_WORK REQUEST_: Please copy out every line in the entries that includes the word "diagram".

_Stored dataset items_:
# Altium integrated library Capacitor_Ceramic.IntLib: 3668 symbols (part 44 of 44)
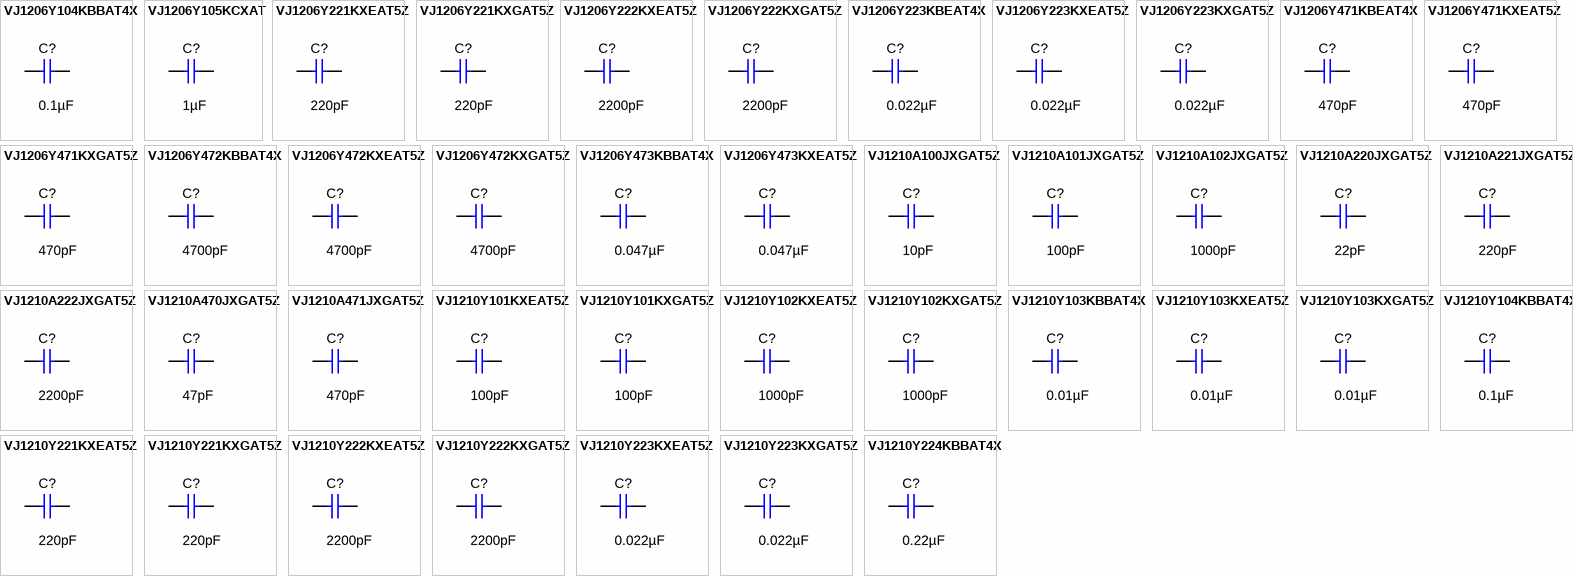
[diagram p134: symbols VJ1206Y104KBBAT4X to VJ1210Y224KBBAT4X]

## VJ1210Y104KBBAT4X
designator C?  ValueDisplayed: 0.1µF  (hidden comment: VJ1210Y104KBBAT4X)
CAP, CERM, 0.1 µF, 100 V,+/- 10%, X7R, 1210; Manufacturer: Vishay-Vitramon; Polarized: N; CompType: Capacitor; Value: 0.1uF; U/M: EA; Cap_F: 0.0000001; Tolerance_%: 10; VDC_V: 100; Value2: 100V; TaMin_C: -55; TaMax_C: 125; Cap_Case: 1210; SizeArea_mm2: 8; SizeAreaWB_mm2: 14.7; SizeX_mm: 3.2; SizeY_mm: 2.5; SizeZ_mm: 1.35; AEC Category: Q200
signal-integrity model Cap
simulation model Cap
footprint 1210
footprint 1210M
footprint 1210L
pins: 1, 2

## VJ1210Y221KXEAT5Z
designator C?  ValueDisplayed: 220pF  (hidden comment: VJ1210Y221KXEAT5Z)
CAP, CERM, 220 pF, 500 V,+/- 10%, X7R, 1210; Manufacturer: Vishay-Vitramon; Polarized: N; CompType: Capacitor; Value: 220pF; U/M: EA; Cap_F: 0.00000000022; Tolerance_%: 10; VDC_V: 500; Value2: 500V; TaMin_C: -55; TaMax_C: 125; Cap_Case: 1210; SizeArea_mm2: 8; SizeAreaWB_mm2: 14.7; SizeX_mm: 3.2; SizeY_mm: 2.5; SizeZ_mm: 1.35; AEC Category: Q200
signal-integrity model Cap
simulation model Cap
footprint 1210
footprint 1210M
footprint 1210L
pins: 1, 2

## VJ1210Y221KXGAT5Z
designator C?  ValueDisplayed: 220pF  (hidden comment: VJ1210Y221KXGAT5Z)
CAP, CERM, 220 pF, 1000 V,+/- 10%, X7R, 1210; Manufacturer: Vishay-Vitramon; Polarized: N; CompType: Capacitor; Value: 220pF; U/M: EA; Cap_F: 0.00000000022; Tolerance_%: 10; VDC_V: 1000; Value2: 1000V; TaMin_C: -55; TaMax_C: 125; Cap_Case: 1210; SizeArea_mm2: 8; SizeAreaWB_mm2: 14.7; SizeX_mm: 3.2; SizeY_mm: 2.5; SizeZ_mm: 1.35; AEC Category: Q200
signal-integrity model Cap
simulation model Cap
footprint 1210
footprint 1210M
footprint 1210L
pins: 1, 2

## VJ1210Y222KXEAT5Z
designator C?  ValueDisplayed: 2200pF  (hidden comment: VJ1210Y222KXEAT5Z)
CAP, CERM, 2200 pF, 500 V,+/- 10%, X7R, 1210; Manufacturer: Vishay-Vitramon; Polarized: N; CompType: Capacitor; Value: 2200pF; U/M: EA; Cap_F: 0.0000000022; Tolerance_%: 10; VDC_V: 500; Value2: 500V; TaMin_C: -55; TaMax_C: 125; Cap_Case: 1210; SizeArea_mm2: 8; SizeAreaWB_mm2: 14.7; SizeX_mm: 3.2; SizeY_mm: 2.5; SizeZ_mm: 1.35; AEC Category: Q200
signal-integrity model Cap
simulation model Cap
footprint 1210
footprint 1210M
footprint 1210L
pins: 1, 2

## VJ1210Y222KXGAT5Z
designator C?  ValueDisplayed: 2200pF  (hidden comment: VJ1210Y222KXGAT5Z)
CAP, CERM, 2200 pF, 1000 V,+/- 10%, X7R, 1210; Manufacturer: Vishay-Vitramon; Polarized: N; CompType: Capacitor; Value: 2200pF; U/M: EA; Cap_F: 0.0000000022; Tolerance_%: 10; VDC_V: 1000; Value2: 1000V; TaMin_C: -55; TaMax_C: 125; Cap_Case: 1210; SizeArea_mm2: 8; SizeAreaWB_mm2: 14.7; SizeX_mm: 3.2; SizeY_mm: 2.5; SizeZ_mm: 1.35; AEC Category: Q200
signal-integrity model Cap
simulation model Cap
footprint 1210
footprint 1210M
footprint 1210L
pins: 1, 2

## VJ1210Y223KXEAT5Z
designator C?  ValueDisplayed: 0.022µF  (hidden comment: VJ1210Y223KXEAT5Z)
CAP, CERM, 0.022 µF, 500 V,+/- 10%, X7R, 1210; Manufacturer: Vishay-Vitramon; Polarized: N; CompType: Capacitor; Value: 0.022uF; U/M: EA; Cap_F: 0.000000022; Tolerance_%: 10; VDC_V: 500; Value2: 500V; TaMin_C: -55; TaMax_C: 125; Cap_Case: 1210; SizeArea_mm2: 8; SizeAreaWB_mm2: 14.7; SizeX_mm: 3.2; SizeY_mm: 2.5; SizeZ_mm: 1.35; AEC Category: Q200
signal-integrity model Cap
simulation model Cap
footprint 1210
footprint 1210M
footprint 1210L
pins: 1, 2

## VJ1210Y223KXGAT5Z
designator C?  ValueDisplayed: 0.022µF  (hidden comment: VJ1210Y223KXGAT5Z)
CAP, CERM, 0.022 µF, 1000 V,+/- 10%, X7R, 1210; Manufacturer: Vishay-Vitramon; Polarized: N; CompType: Capacitor; Value: 0.022uF; U/M: EA; Cap_F: 0.000000022; Tolerance_%: 10; VDC_V: 1000; Value2: 1000V; TaMin_C: -55; TaMax_C: 125; Cap_Case: 1210; SizeArea_mm2: 8; SizeAreaWB_mm2: 14.7; SizeX_mm: 3.2; SizeY_mm: 2.5; SizeZ_mm: 1.35; AEC Category: Q200
signal-integrity model Cap
simulation model Cap
footprint 1210
footprint 1210M
footprint 1210L
pins: 1, 2

## VJ1210Y224KBBAT4X
designator C?  ValueDisplayed: 0.22µF  (hidden comment: VJ1210Y224KBBAT4X)
CAP, CERM, 0.22 µF, 100 V,+/- 10%, X7R, 1210; Manufacturer: Vishay-Vitramon; Polarized: N; CompType: Capacitor; Value: 0.22uF; U/M: EA; Cap_F: 0.00000022; Tolerance_%: 10; VDC_V: 100; Value2: 100V; TaMin_C: -55; TaMax_C: 125; Cap_Case: 1210; SizeArea_mm2: 8; SizeAreaWB_mm2: 14.7; SizeX_mm: 3.2; SizeY_mm: 2.5; SizeZ_mm: 1.35; AEC Category: Q200
signal-integrity model Cap
simulation model Cap
footprint 1210
footprint 1210M
footprint 1210L
pins: 1, 2

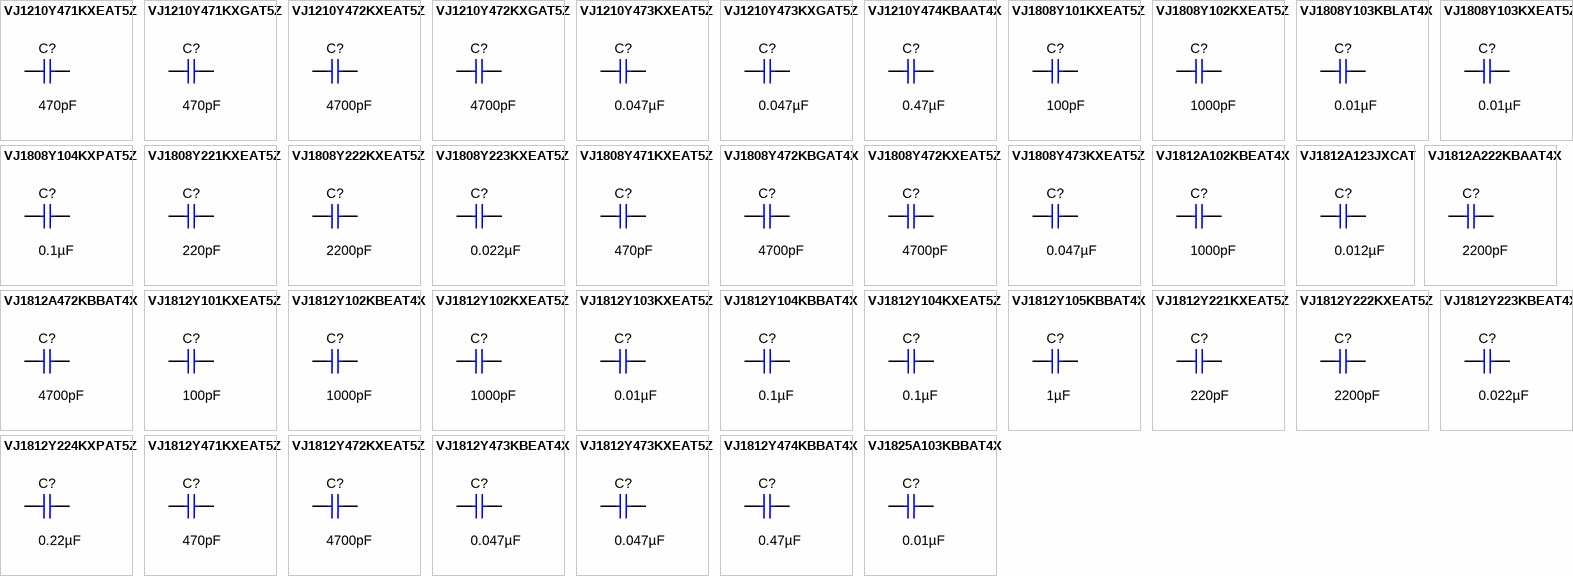
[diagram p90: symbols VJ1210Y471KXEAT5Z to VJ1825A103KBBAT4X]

## VJ1210Y471KXEAT5Z
designator C?  ValueDisplayed: 470pF  (hidden comment: VJ1210Y471KXEAT5Z)
CAP, CERM, 470 pF, 500 V,+/- 10%, X7R, 1210; Manufacturer: Vishay-Vitramon; Polarized: N; CompType: Capacitor; Value: 470pF; U/M: EA; Cap_F: 0.00000000047; Tolerance_%: 10; VDC_V: 500; Value2: 500V; TaMin_C: -55; TaMax_C: 125; Cap_Case: 1210; SizeArea_mm2: 8; SizeAreaWB_mm2: 14.7; SizeX_mm: 3.2; SizeY_mm: 2.5; SizeZ_mm: 1.35; AEC Category: Q200
signal-integrity model Cap
simulation model Cap
footprint 1210
footprint 1210M
footprint 1210L
pins: 1, 2

## VJ1210Y471KXGAT5Z
designator C?  ValueDisplayed: 470pF  (hidden comment: VJ1210Y471KXGAT5Z)
CAP, CERM, 470 pF, 1000 V,+/- 10%, X7R, 1210; Manufacturer: Vishay-Vitramon; Polarized: N; CompType: Capacitor; Value: 470pF; U/M: EA; Cap_F: 0.00000000047; Tolerance_%: 10; VDC_V: 1000; Value2: 1000V; TaMin_C: -55; TaMax_C: 125; Cap_Case: 1210; SizeArea_mm2: 8; SizeAreaWB_mm2: 14.7; SizeX_mm: 3.2; SizeY_mm: 2.5; SizeZ_mm: 1.35; AEC Category: Q200
signal-integrity model Cap
simulation model Cap
footprint 1210
footprint 1210M
footprint 1210L
pins: 1, 2

## VJ1210Y472KXEAT5Z
designator C?  ValueDisplayed: 4700pF  (hidden comment: VJ1210Y472KXEAT5Z)
CAP, CERM, 4700 pF, 500 V,+/- 10%, X7R, 1210; Manufacturer: Vishay-Vitramon; Polarized: N; CompType: Capacitor; Value: 4700pF; U/M: EA; Cap_F: 0.0000000047; Tolerance_%: 10; VDC_V: 500; Value2: 500V; TaMin_C: -55; TaMax_C: 125; Cap_Case: 1210; SizeArea_mm2: 8; SizeAreaWB_mm2: 14.7; SizeX_mm: 3.2; SizeY_mm: 2.5; SizeZ_mm: 1.35; AEC Category: Q200
signal-integrity model Cap
simulation model Cap
footprint 1210
footprint 1210M
footprint 1210L
pins: 1, 2

## VJ1210Y472KXGAT5Z
designator C?  ValueDisplayed: 4700pF  (hidden comment: VJ1210Y472KXGAT5Z)
CAP, CERM, 4700 pF, 1000 V,+/- 10%, X7R, 1210; Manufacturer: Vishay-Vitramon; Polarized: N; CompType: Capacitor; Value: 4700pF; U/M: EA; Cap_F: 0.0000000047; Tolerance_%: 10; VDC_V: 1000; Value2: 1000V; TaMin_C: -55; TaMax_C: 125; Cap_Case: 1210; SizeArea_mm2: 8; SizeAreaWB_mm2: 14.7; SizeX_mm: 3.2; SizeY_mm: 2.5; SizeZ_mm: 1.35; AEC Category: Q200
signal-integrity model Cap
simulation model Cap
footprint 1210
footprint 1210M
footprint 1210L
pins: 1, 2

## VJ1210Y473KXEAT5Z
designator C?  ValueDisplayed: 0.047µF  (hidden comment: VJ1210Y473KXEAT5Z)
CAP, CERM, 0.047 µF, 500 V,+/- 10%, X7R, 1210; Manufacturer: Vishay-Vitramon; Polarized: N; CompType: Capacitor; Value: 0.047uF; U/M: EA; Cap_F: 0.000000047; Tolerance_%: 10; VDC_V: 500; Value2: 500V; TaMin_C: -55; TaMax_C: 125; Cap_Case: 1210; SizeArea_mm2: 8; SizeAreaWB_mm2: 14.7; SizeX_mm: 3.2; SizeY_mm: 2.5; SizeZ_mm: 1.35; AEC Category: Q200
signal-integrity model Cap
simulation model Cap
footprint 1210
footprint 1210M
footprint 1210L
pins: 1, 2

## VJ1210Y473KXGAT5Z
designator C?  ValueDisplayed: 0.047µF  (hidden comment: VJ1210Y473KXGAT5Z)
CAP, CERM, 0.047 µF, 1000 V,+/- 10%, X7R, 1210; Manufacturer: Vishay-Vitramon; Polarized: N; CompType: Capacitor; Value: 0.047uF; U/M: EA; Cap_F: 0.000000047; Tolerance_%: 10; VDC_V: 1000; Value2: 1000V; TaMin_C: -55; TaMax_C: 125; Cap_Case: 1210; SizeArea_mm2: 8; SizeAreaWB_mm2: 14.7; SizeX_mm: 3.2; SizeY_mm: 2.5; SizeZ_mm: 1.35; AEC Category: Q200
signal-integrity model Cap
simulation model Cap
footprint 1210
footprint 1210M
footprint 1210L
pins: 1, 2

## VJ1210Y474KBAAT4X
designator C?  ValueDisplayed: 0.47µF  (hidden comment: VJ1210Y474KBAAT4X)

_RESPONSE BOX_:
[diagram p134: symbols VJ1206Y104KBBAT4X to VJ1210Y224KBBAT4X]
[diagram p90: symbols VJ1210Y471KXEAT5Z to VJ1825A103KBBAT4X]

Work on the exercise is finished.